● Records for this exercise:
^^^^
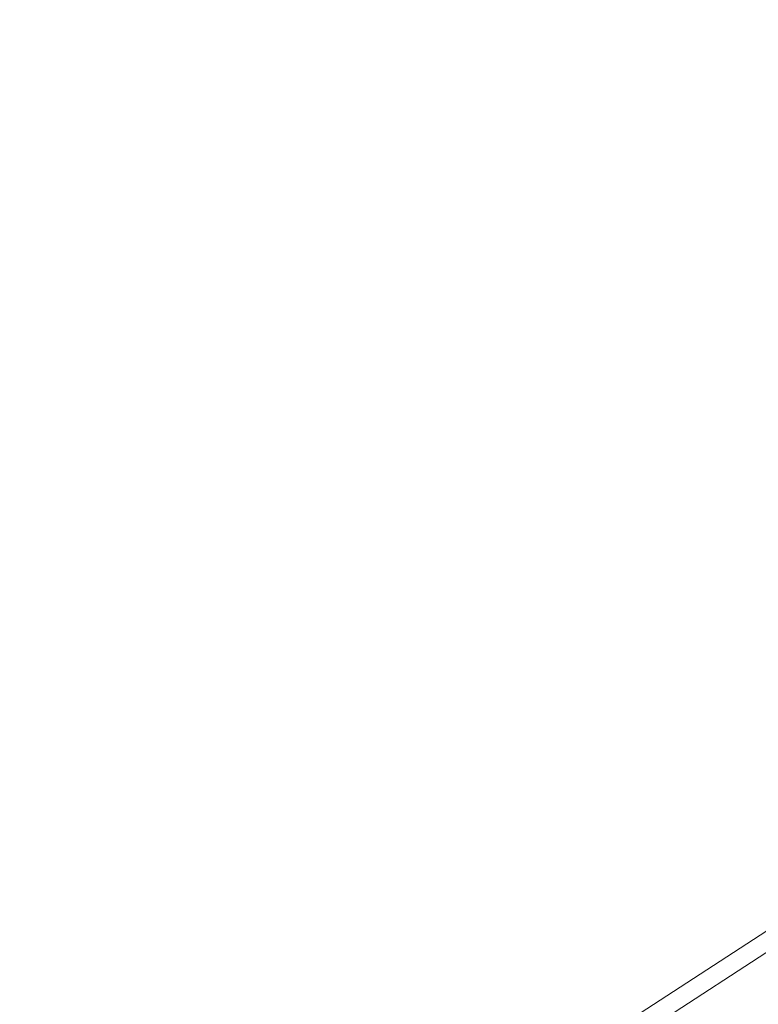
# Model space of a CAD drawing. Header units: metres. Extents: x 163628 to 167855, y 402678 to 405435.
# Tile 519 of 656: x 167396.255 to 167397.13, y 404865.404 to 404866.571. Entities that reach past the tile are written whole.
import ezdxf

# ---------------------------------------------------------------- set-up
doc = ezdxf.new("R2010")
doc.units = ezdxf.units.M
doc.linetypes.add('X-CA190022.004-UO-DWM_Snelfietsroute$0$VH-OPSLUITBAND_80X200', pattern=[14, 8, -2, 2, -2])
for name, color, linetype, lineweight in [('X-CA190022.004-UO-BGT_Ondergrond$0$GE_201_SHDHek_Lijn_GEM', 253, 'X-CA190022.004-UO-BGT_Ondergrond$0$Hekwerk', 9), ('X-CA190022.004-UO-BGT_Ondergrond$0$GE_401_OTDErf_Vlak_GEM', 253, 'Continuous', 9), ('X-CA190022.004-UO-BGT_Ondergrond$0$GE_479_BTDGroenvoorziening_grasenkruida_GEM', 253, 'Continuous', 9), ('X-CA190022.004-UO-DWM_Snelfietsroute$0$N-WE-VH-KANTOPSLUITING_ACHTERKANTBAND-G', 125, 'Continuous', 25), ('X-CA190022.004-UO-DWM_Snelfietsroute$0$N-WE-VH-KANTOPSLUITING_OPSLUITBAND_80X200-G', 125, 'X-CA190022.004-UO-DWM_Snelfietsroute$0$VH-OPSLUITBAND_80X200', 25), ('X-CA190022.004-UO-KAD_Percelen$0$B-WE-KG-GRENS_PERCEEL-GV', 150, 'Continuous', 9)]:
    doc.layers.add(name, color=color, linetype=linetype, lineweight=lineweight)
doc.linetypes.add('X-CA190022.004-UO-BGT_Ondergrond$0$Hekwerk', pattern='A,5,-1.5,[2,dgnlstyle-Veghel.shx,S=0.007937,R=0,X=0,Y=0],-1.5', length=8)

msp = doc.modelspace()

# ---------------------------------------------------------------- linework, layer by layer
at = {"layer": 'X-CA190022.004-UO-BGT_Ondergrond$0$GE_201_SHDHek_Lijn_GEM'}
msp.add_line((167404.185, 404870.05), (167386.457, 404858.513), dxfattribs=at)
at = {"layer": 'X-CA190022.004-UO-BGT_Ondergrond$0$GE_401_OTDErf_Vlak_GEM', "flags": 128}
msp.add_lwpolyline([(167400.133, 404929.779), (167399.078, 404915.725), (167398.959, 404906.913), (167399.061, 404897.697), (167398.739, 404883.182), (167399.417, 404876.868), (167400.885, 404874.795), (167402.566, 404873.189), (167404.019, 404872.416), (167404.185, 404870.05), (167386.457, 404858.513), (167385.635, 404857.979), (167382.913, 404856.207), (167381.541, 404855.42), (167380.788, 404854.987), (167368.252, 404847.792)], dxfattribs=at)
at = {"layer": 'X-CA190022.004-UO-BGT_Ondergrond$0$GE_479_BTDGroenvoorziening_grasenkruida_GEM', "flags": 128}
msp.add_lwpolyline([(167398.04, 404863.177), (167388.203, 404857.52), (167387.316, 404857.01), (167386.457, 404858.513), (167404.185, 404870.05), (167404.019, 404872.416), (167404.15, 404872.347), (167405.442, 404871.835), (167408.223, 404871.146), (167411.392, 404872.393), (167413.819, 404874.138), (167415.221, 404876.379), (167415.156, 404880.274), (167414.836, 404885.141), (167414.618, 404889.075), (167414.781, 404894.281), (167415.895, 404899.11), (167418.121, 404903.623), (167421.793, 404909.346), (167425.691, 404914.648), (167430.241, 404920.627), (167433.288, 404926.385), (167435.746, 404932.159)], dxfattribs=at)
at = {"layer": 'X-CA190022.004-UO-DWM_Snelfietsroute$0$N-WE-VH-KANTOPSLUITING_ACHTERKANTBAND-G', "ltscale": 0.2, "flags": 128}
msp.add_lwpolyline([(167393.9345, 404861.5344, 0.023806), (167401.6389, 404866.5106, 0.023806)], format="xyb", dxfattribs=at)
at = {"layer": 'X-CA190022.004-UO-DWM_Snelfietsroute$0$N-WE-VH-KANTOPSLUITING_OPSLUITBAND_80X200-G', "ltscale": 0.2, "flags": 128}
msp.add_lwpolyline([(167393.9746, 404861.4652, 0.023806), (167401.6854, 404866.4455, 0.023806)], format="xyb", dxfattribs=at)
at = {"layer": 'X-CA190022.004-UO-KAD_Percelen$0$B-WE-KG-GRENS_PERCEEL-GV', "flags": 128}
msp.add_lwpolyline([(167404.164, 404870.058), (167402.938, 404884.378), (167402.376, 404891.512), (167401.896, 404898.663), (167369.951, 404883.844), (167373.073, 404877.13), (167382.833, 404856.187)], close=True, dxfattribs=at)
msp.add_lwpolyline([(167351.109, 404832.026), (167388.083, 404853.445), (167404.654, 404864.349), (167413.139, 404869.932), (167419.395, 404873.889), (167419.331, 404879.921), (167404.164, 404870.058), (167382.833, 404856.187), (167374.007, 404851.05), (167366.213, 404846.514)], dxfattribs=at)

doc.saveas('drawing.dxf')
^^^^
● Problem details:
For each line above that contains "format", make a copy.

● Written response:
msp.add_lwpolyline([(167393.9345, 404861.5344, 0.023806), (167401.6389, 404866.5106, 0.023806)], format="xyb", dxfattribs=at)
msp.add_lwpolyline([(167393.9746, 404861.4652, 0.023806), (167401.6854, 404866.4455, 0.023806)], format="xyb", dxfattribs=at)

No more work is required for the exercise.